Faktor-faktor dari bayi tersebut diantaranya :
1.      Bayi dan ibu yang menderita diabetes sebelum hamil dan bayi dari ibu yang menderita diabetes selama kehamilan. Sering memiliki kesamaan, mereka cenderung besar dan montok akibat bertambahnya lemak tubuh dan membesarnya organ dalam, mukanya sembab dan kemerahan (plethonic) seperti bayi yang sedang mendapat kortikosteroid. Bayi dari ibu yang menderita diabetes memperlihatkan insiden sindrom kegawatan pernafasan yang lebih besar dari pada bayi ibu yang normal pada umur kehamilan yang sama. Insiden yang lebih besar mungkin terkait dengan pengaruh antagonis antara kortisol dan insulin pola sintesis surfakton.
2.      Terjadinya obesitas pada ibu juga dapat menyebabkan kelahiran bayi besar (bayi giant).
3.      Pola makan ibu yang tidak seimbang atau berlebihan juga mempengaruhi kelahiran bayi besar.

Komplikasi Yang Mungkin Terjadi
Bayi besar yang sedang berkembang merupakan suatu indikator dari efek  ibu.
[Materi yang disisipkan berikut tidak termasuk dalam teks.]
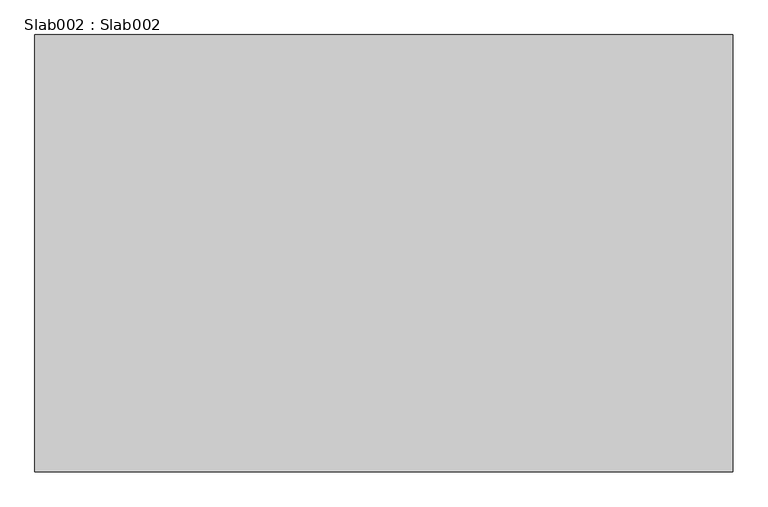
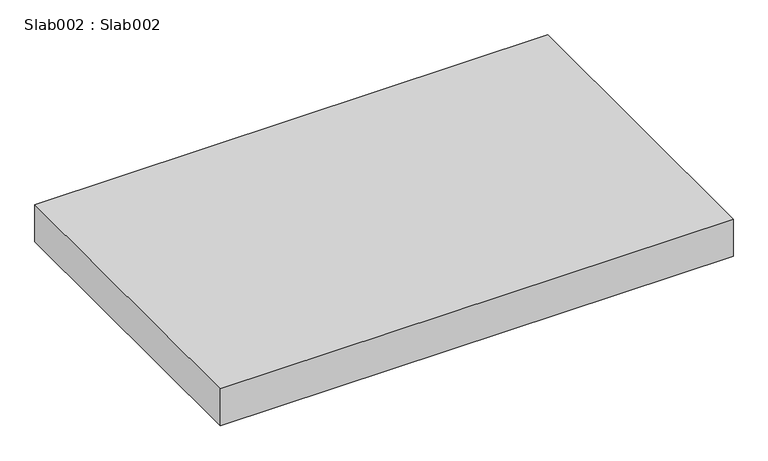
"""IFC4 building model written with IfcOpenShell, lengths in millimetres: proxy geometry, Slab002 : Slab002."""

import ifcopenshell
import ifcopenshell.guid

model = None  # the IFC model being written
_history = None  # IfcOwnerHistory: only IFC2X3 demands one
_inside = {}  # id of a spatial element -> (the spatial element, [elements in it])
_under = {}  # id of a project, library or spatial element -> (it, [spatial elements below it])
_declared = {}  # id of a project -> (the project, [libraries it declares])
_typed = {}  # id of a type object -> (the type object, [elements of that type])
_made_of = {}  # id of a material, layer set ... -> (it, [elements and type objects made of it])


def new_model(schema):
    """Start an empty IFC model of exactly this schema.

    Asked for "IFC4X3", IfcOpenShell would pick the latest addendum, in which some entities
    have other attributes; the version numbers below select the first issue.
    IFC2X3 requires an IfcOwnerHistory on every rooted entity: one is made here for all.
    """
    global model, _history
    if schema == "IFC4X3":
        model = ifcopenshell.file(schema_version=(4, 3, 0, 0))
    else:
        model = ifcopenshell.file(schema=schema)
    _inside.clear()
    _under.clear()
    _declared.clear()
    _typed.clear()
    _made_of.clear()
    _history = None
    if model.schema == "IFC2X3":
        org = make("IfcOrganization", Name="unknown")
        user = make(
            "IfcPersonAndOrganization",
            ThePerson=make("IfcPerson", FamilyName="unknown"),
            TheOrganization=org,
        )
        app = make(
            "IfcApplication",
            ApplicationDeveloper=org,
            Version="unknown",
            ApplicationFullName="unknown",
            ApplicationIdentifier="unknown",
        )
        _history = make(
            "IfcOwnerHistory",
            OwningUser=user,
            OwningApplication=app,
            ChangeAction="ADDED",
            CreationDate=0,
        )
    return model


def make(cls, **values):
    """One entity of the class cls with the attributes given. An attribute that is None is left unset."""
    return model.create_entity(
        cls, **{name: value for name, value in values.items() if value is not None}
    )


def rooted(cls, **values):
    """An entity with a GlobalId (a new one), such as an element, a storey or a relation."""
    return make(cls, GlobalId=ifcopenshell.guid.new(), OwnerHistory=_history, **values)


def si_unit(unit_type, name, prefix=None):
    """IfcSIUnit, for example si_unit("LENGTHUNIT", "METRE", prefix="MILLI")."""
    return make("IfcSIUnit", UnitType=unit_type, Prefix=prefix, Name=name)


def assignment(units):
    """IfcUnitAssignment: the units of a project."""
    return None if units is None else make("IfcUnitAssignment", Units=units)


def point(xyz):
    """IfcCartesianPoint."""
    return None if xyz is None else make("IfcCartesianPoint", Coordinates=xyz)


def direction(xyz):
    """IfcDirection."""
    return None if xyz is None else make("IfcDirection", DirectionRatios=xyz)


def frame(location, z_axis=None, x_axis=None):
    """IfcAxis2Placement3D, a coordinate frame: its origin and axes. An axis left out is left unset."""
    return make(
        "IfcAxis2Placement3D",
        Location=point(location),
        Axis=direction(z_axis),
        RefDirection=direction(x_axis),
    )


def origin():
    """The frame at (0, 0, 0) with its axes left unset."""
    return frame((0.0, 0.0, 0.0))


def place(relative_to, where):
    """IfcLocalPlacement: puts the frame where relative to a parent placement (None: the world)."""
    return make(
        "IfcLocalPlacement", PlacementRelTo=relative_to, RelativePlacement=where
    )


def context(
    kind, dimensions, precision=None, world=None, true_north=None, identifier=None
):
    """IfcGeometricRepresentationContext, for example the 3D "Model" context."""
    return make(
        "IfcGeometricRepresentationContext",
        ContextIdentifier=identifier,
        ContextType=kind,
        CoordinateSpaceDimension=dimensions,
        Precision=precision,
        WorldCoordinateSystem=world,
        TrueNorth=true_north,
    )


def project(units=None, contexts=None):
    """IfcProject with its units and contexts."""
    return rooted(
        "IfcProject",
        Name="project",
        RepresentationContexts=contexts,
        UnitsInContext=assignment(units),
    )


def spatial(cls, under=None, at=None, **own):
    """A site, building, storey or space (cls), placed at a placement, below another one or the project."""
    s = rooted(cls, ObjectPlacement=at, **own)
    if under is not None:
        _under.setdefault(under.id(), (under, []))[1].append(s)
    return s


def polyline(points):
    """IfcPolyline through the points."""
    return make("IfcPolyline", Points=[point(p) for p in points])


def outline(outer, holes=None, kind="AREA"):
    """IfcArbitraryClosedProfileDef: a profile drawn as a closed curve; with holes, ...WithVoids."""
    if holes is None:
        return make("IfcArbitraryClosedProfileDef", ProfileType=kind, OuterCurve=outer)
    return make(
        "IfcArbitraryProfileDefWithVoids",
        ProfileType=kind,
        OuterCurve=outer,
        InnerCurves=holes,
    )


def extrude(swept, where, along, depth):
    """IfcExtrudedAreaSolid: the profile swept, set in the frame where, extruded along a direction by depth."""
    return make(
        "IfcExtrudedAreaSolid",
        SweptArea=swept,
        Position=where,
        ExtrudedDirection=direction(along),
        Depth=depth,
    )


def shape(context_of_items, identifier, shape_type, items):
    """IfcShapeRepresentation: the items that make up one representation, for example the "Body"."""
    return make(
        "IfcShapeRepresentation",
        ContextOfItems=context_of_items,
        RepresentationIdentifier=identifier,
        RepresentationType=shape_type,
        Items=items,
    )


def source(mapping_origin, context_of_items, identifier, shape_type, items):
    """IfcRepresentationMap: a shape defined once, which mapped items show again and again."""
    return make(
        "IfcRepresentationMap",
        MappingOrigin=mapping_origin,
        MappedRepresentation=shape(context_of_items, identifier, shape_type, items),
    )


def transform(
    local_origin,
    x_axis=None,
    y_axis=None,
    z_axis=None,
    scale=None,
    scale2=None,
    scale3=None,
    uniform=True,
):
    """IfcCartesianTransformationOperator3D, or its non-uniform kind. x_axis, y_axis, z_axis: its Axis1, 2, 3."""
    if uniform:
        return make(
            "IfcCartesianTransformationOperator3D",
            Axis1=direction(x_axis),
            Axis2=direction(y_axis),
            LocalOrigin=point(local_origin),
            Scale=scale,
            Axis3=direction(z_axis),
        )
    return make(
        "IfcCartesianTransformationOperator3DnonUniform",
        Axis1=direction(x_axis),
        Axis2=direction(y_axis),
        LocalOrigin=point(local_origin),
        Scale=scale,
        Axis3=direction(z_axis),
        Scale2=scale2,
        Scale3=scale3,
    )


def mapped(mapping_source, mapping_target):
    """IfcMappedItem: shows the shape of a source again, moved by a transform."""
    return make(
        "IfcMappedItem", MappingSource=mapping_source, MappingTarget=mapping_target
    )


def made_of(thing, what):
    """Note that an element or type object is made of a material, layer set ...; save() writes the relation."""
    if what is not None:
        _made_of.setdefault(what.id(), (what, []))[1].append(thing)
    return thing


def element(
    cls,
    number,
    at=None,
    inside=None,
    cuts=None,
    type_object=None,
    material=None,
    context=None,
    identifier="Body",
    shape_type=None,
    held_by="IfcProductDefinitionShape",
    body=None,
    shapes=None,
    **own,
):
    """One element of the class cls, such as IfcWall. Its Tag is "e" and its number.

    at: its placement. inside: the storey or other place that contains it. cuts: it is an
    opening in that element (IfcRelVoidsElement). A single representation is given by context,
    identifier, shape_type and body (its items); several are given by shapes. held_by: the class
    of the entity that holds the representations. save() writes the other relations.
    """
    e = rooted(cls, Tag="e%d" % number, ObjectPlacement=at, **own)
    if body is not None:
        shapes = [shape(context, identifier, shape_type, body)]
    if shapes is not None:
        e.Representation = make(held_by, Representations=shapes)
    if inside is not None:
        _inside.setdefault(inside.id(), (inside, []))[1].append(e)
    if cuts is not None:
        rooted(
            "IfcRelVoidsElement", RelatingBuildingElement=cuts, RelatedOpeningElement=e
        )
    if type_object is not None:
        _typed.setdefault(type_object.id(), (type_object, []))[1].append(e)
    return made_of(e, material)


def aggregate(whole, parts):
    """IfcRelAggregates: a whole, such as a stair, and the parts it consists of."""
    return rooted("IfcRelAggregates", RelatingObject=whole, RelatedObjects=parts)


def save(model, path):
    """Write the relations noted so far, then the file.

    IfcRelAggregates (storeys below a building ...), IfcRelContainedInSpatialStructure (elements
    in a storey), IfcRelDefinesByType, IfcRelAssociatesMaterial and IfcRelDeclares: one each for
    every whole, place, type object, material and project.
    """
    for whole, parts in _under.values():
        aggregate(whole, parts)
    for where, things in _inside.values():
        rooted(
            "IfcRelContainedInSpatialStructure",
            RelatedElements=things,
            RelatingStructure=where,
        )
    for kind, things in _typed.values():
        rooted("IfcRelDefinesByType", RelatedObjects=things, RelatingType=kind)
    for what, things in _made_of.values():
        rooted("IfcRelAssociatesMaterial", RelatedObjects=things, RelatingMaterial=what)
    for by, libraries in _declared.values():
        rooted("IfcRelDeclares", RelatingContext=by, RelatedDefinitions=libraries)
    model.write(path)


def slab002_slab002_b16c44ad(model_context):
    return source(origin(), model_context, "Body", "SweptSolid", [
        extrude(outline(polyline([(14383.0178845, -4651.5044925), (14383.0178845, -5904.2981766), (12383.0178845, -5904.2981766), (12383.0178845, -4651.5044925), (14383.0178845, -4651.5044925)])), frame((0.0, 0.0, 36175.6882407), z_axis=(0.0, 0.0, 1.0), x_axis=(1.0, 0.0, 0.0)), (0.0, 0.0, 1.0), 152.4077593),
    ])


if __name__ == "__main__":
    model = new_model("IFC4")
    model_context = context("Model", 3, world=origin())
    ifc_project = project(units=[si_unit("LENGTHUNIT", "METRE", prefix="MILLI")], contexts=[model_context])
    site = spatial("IfcSite", under=ifc_project)
    building = spatial("IfcBuilding", under=site)
    placement = place(None, origin())
    slab002_slab002_shape = slab002_slab002_b16c44ad(model_context)
    element("IfcBuildingElementProxy", 1, Name="Slab002 : Slab002", ObjectType="Slab002 : Slab002", at=placement, inside=building, context=model_context, shape_type="MappedRepresentation", body=[
        mapped(slab002_slab002_shape, transform((0.0, 0.0, 0.0), x_axis=(1.0, 0.0, 0.0), y_axis=(0.0, 1.0, 0.0), z_axis=(0.0, 0.0, 1.0))),
    ])
    save(model, "model.ifc")

# Revit data of these elements
# Type "Slab002 : Slab002"
#   NameOverride = "Slab002"
# Element 1 (IfcBuildingElementProxy, "Slab002 : Slab002")
#   Materials on its faces: "4\" CONCRETE SLAB - SEE CIVIL DWGS"
# Materials
#   "4\" CONCRETE SLAB - SEE CIVIL DWGS": class "Unassigned", colour RGB 128 128 128, transparency 0, Cost = 0

Yang walaupun dikontrol dengan baik dapat timbul pada janin, maka sering disarankan persalinan yang lebih dini sebelum aterm. Situasi ini biasanya dinilai pada sekitar kehamilan 38 minggu. Penilaian yang seksama terhadap pelvis ibu.Tingkat penurunan kepala janin dan diatas serviks. Bersama dengan pertimbangan terhadap riwayat kebidanan sebelumnya. Seringkali akan menunjukkan apakah induksi persalinan kemungkinan dan menimbulkan persalinan pervaginam. Jika tidak maka persalinan dilakukan dengan seksio sesarea yang direncanakan. Pada kasus-kasus Bordeline dapat dilakukan persalinan percobaan yang singkat. Resiko dari trauma lahir yang tinggi jika bayi lebih besar dibandingkan panggul ibunya perdarahan intrakranial, distosia bahu, ruptur uteri,serviks, vagina, robekan perineum dan fraktur anggota gerak merupakan beberapa komplikasi yng mungkin terjadi. Jika terjadi penyulit-penyulit ini dapat dinyatakan sebagai penatalaksanaan yang salah. Karena hal ini sebenarnya dapat dihindarkan dengan seksio sesarea yang terencana. Walaupun demikian, yang perlu dingat bahwa persalinan dari bayi besar (baby giant) dengan jalan abdominal bukannya tanpa resiko dan hanya dapat dilakukan oleh dokter bedah kebidanan yang terampil.

Penatalaksanaan
Pemeriksaan klinik dan ultrasonografi yang seksama terhadap janin yang sedang tumbuh, disertai dengan faktor-faktor yang diketahui merupakan predisposisi terhadap makrosomia (bayi besar) memungkinkan dilakukannya sejumlah kontrol terhadap pertumbuhan yang berlebihan. Peningkatan resiko bayi besar jika kehamilan dibiarkan hingga aterm harus diingat dan seksio sesrea efektif harus dilakukan kapan saja persalinan pervaginam.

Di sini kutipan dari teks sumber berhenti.